- Problem statement: A faithful copy of every entry is the goal; keep the images out of it.

Stored data:
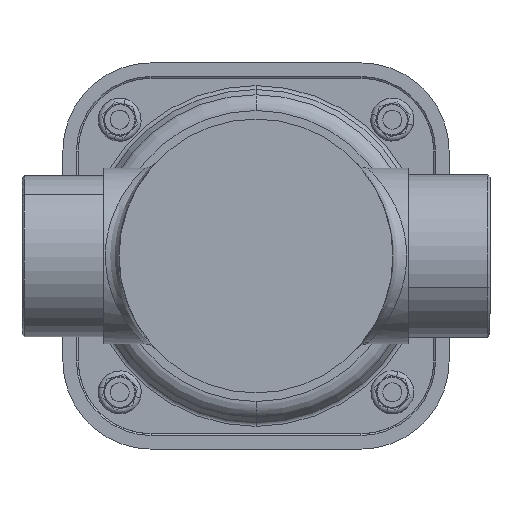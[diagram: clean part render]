
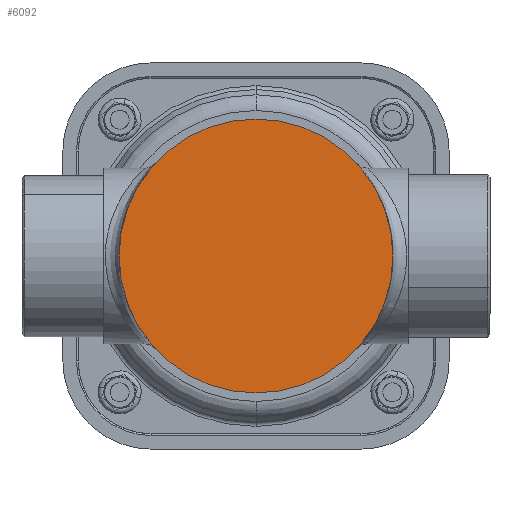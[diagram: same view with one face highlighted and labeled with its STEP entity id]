
A CAD part, front view. The second image highlights one B-rep face of the part: STEP entity #6092.
In plain terms, the highlighted planar face has unit normal (0, -1, 0).
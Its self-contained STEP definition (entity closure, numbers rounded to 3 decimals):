
#243 = CIRCLE ( 'NONE', #5194, 30.15 ) ;
#906 = DIRECTION ( 'NONE',  ( 0., 1., 0. ) ) ;
#1543 = VERTEX_POINT ( 'NONE', #12690 ) ;
#1779 = ORIENTED_EDGE ( 'NONE', *, *, #2578, .F. ) ;
#2094 = DIRECTION ( 'NONE',  ( 0., 0., 1. ) ) ;
#2578 = EDGE_CURVE ( 'NONE', #12705, #1543, #243, .T. ) ;
#2720 = DIRECTION ( 'NONE',  ( 0., 1., 0. ) ) ;
#3393 = FACE_OUTER_BOUND ( 'NONE', #6451, .T. ) ;
#3802 = CARTESIAN_POINT ( 'NONE',  ( 0., 0., 0. ) ) ;
#4248 = DIRECTION ( 'NONE',  ( 0., 0., 1. ) ) ;
#4614 = CIRCLE ( 'NONE', #8604, 30.15 ) ;
#5194 = AXIS2_PLACEMENT_3D ( 'NONE', #13863, #906, #4248 ) ;
#6092 = ADVANCED_FACE ( 'NONE', ( #3393 ), #6346, .F. ) ;
#6346 = PLANE ( 'NONE',  #11226 ) ;
#6365 = ORIENTED_EDGE ( 'NONE', *, *, #11363, .F. ) ;
#6451 = EDGE_LOOP ( 'NONE', ( #1779, #6365 ) ) ;
#8418 = DIRECTION ( 'NONE',  ( 0., 1., 0. ) ) ;
#8604 = AXIS2_PLACEMENT_3D ( 'NONE', #3802, #2720, #10241 ) ;
#9892 = CARTESIAN_POINT ( 'NONE',  ( 0., 0., -30.15 ) ) ;
#10241 = DIRECTION ( 'NONE',  ( 0., 0., 1. ) ) ;
#11226 = AXIS2_PLACEMENT_3D ( 'NONE', #12913, #8418, #2094 ) ;
#11363 = EDGE_CURVE ( 'NONE', #1543, #12705, #4614, .T. ) ;
#12690 = CARTESIAN_POINT ( 'NONE',  ( 0., 0., 30.15 ) ) ;
#12705 = VERTEX_POINT ( 'NONE', #9892 ) ;
#12913 = CARTESIAN_POINT ( 'NONE',  ( 0., 0., 0. ) ) ;
#13863 = CARTESIAN_POINT ( 'NONE',  ( 0., 0., 0. ) ) ;

- The answer:
[diagram: clean part render]
[diagram: same view with one face highlighted and labeled with its STEP entity id]
A CAD part, front view. The second image highlights one B-rep face of the part: STEP entity #6092.
In plain terms, the highlighted planar face has unit normal (0, -1, 0).
Its self-contained STEP definition (entity closure, numbers rounded to 3 decimals):
#243 = CIRCLE ( 'NONE', #5194, 30.15 ) ;
#906 = DIRECTION ( 'NONE',  ( 0., 1., 0. ) ) ;
#1543 = VERTEX_POINT ( 'NONE', #12690 ) ;
#1779 = ORIENTED_EDGE ( 'NONE', *, *, #2578, .F. ) ;
#2094 = DIRECTION ( 'NONE',  ( 0., 0., 1. ) ) ;
#2578 = EDGE_CURVE ( 'NONE', #12705, #1543, #243, .T. ) ;
#2720 = DIRECTION ( 'NONE',  ( 0., 1., 0. ) ) ;
#3393 = FACE_OUTER_BOUND ( 'NONE', #6451, .T. ) ;
#3802 = CARTESIAN_POINT ( 'NONE',  ( 0., 0., 0. ) ) ;
#4248 = DIRECTION ( 'NONE',  ( 0., 0., 1. ) ) ;
#4614 = CIRCLE ( 'NONE', #8604, 30.15 ) ;
#5194 = AXIS2_PLACEMENT_3D ( 'NONE', #13863, #906, #4248 ) ;
#6092 = ADVANCED_FACE ( 'NONE', ( #3393 ), #6346, .F. ) ;
#6346 = PLANE ( 'NONE',  #11226 ) ;
#6365 = ORIENTED_EDGE ( 'NONE', *, *, #11363, .F. ) ;
#6451 = EDGE_LOOP ( 'NONE', ( #1779, #6365 ) ) ;
#8418 = DIRECTION ( 'NONE',  ( 0., 1., 0. ) ) ;
#8604 = AXIS2_PLACEMENT_3D ( 'NONE', #3802, #2720, #10241 ) ;
#9892 = CARTESIAN_POINT ( 'NONE',  ( 0., 0., -30.15 ) ) ;
#10241 = DIRECTION ( 'NONE',  ( 0., 0., 1. ) ) ;
#11226 = AXIS2_PLACEMENT_3D ( 'NONE', #12913, #8418, #2094 ) ;
#11363 = EDGE_CURVE ( 'NONE', #1543, #12705, #4614, .T. ) ;
#12690 = CARTESIAN_POINT ( 'NONE',  ( 0., 0., 30.15 ) ) ;
#12705 = VERTEX_POINT ( 'NONE', #9892 ) ;
#12913 = CARTESIAN_POINT ( 'NONE',  ( 0., 0., 0. ) ) ;
#13863 = CARTESIAN_POINT ( 'NONE',  ( 0., 0., 0. ) ) ;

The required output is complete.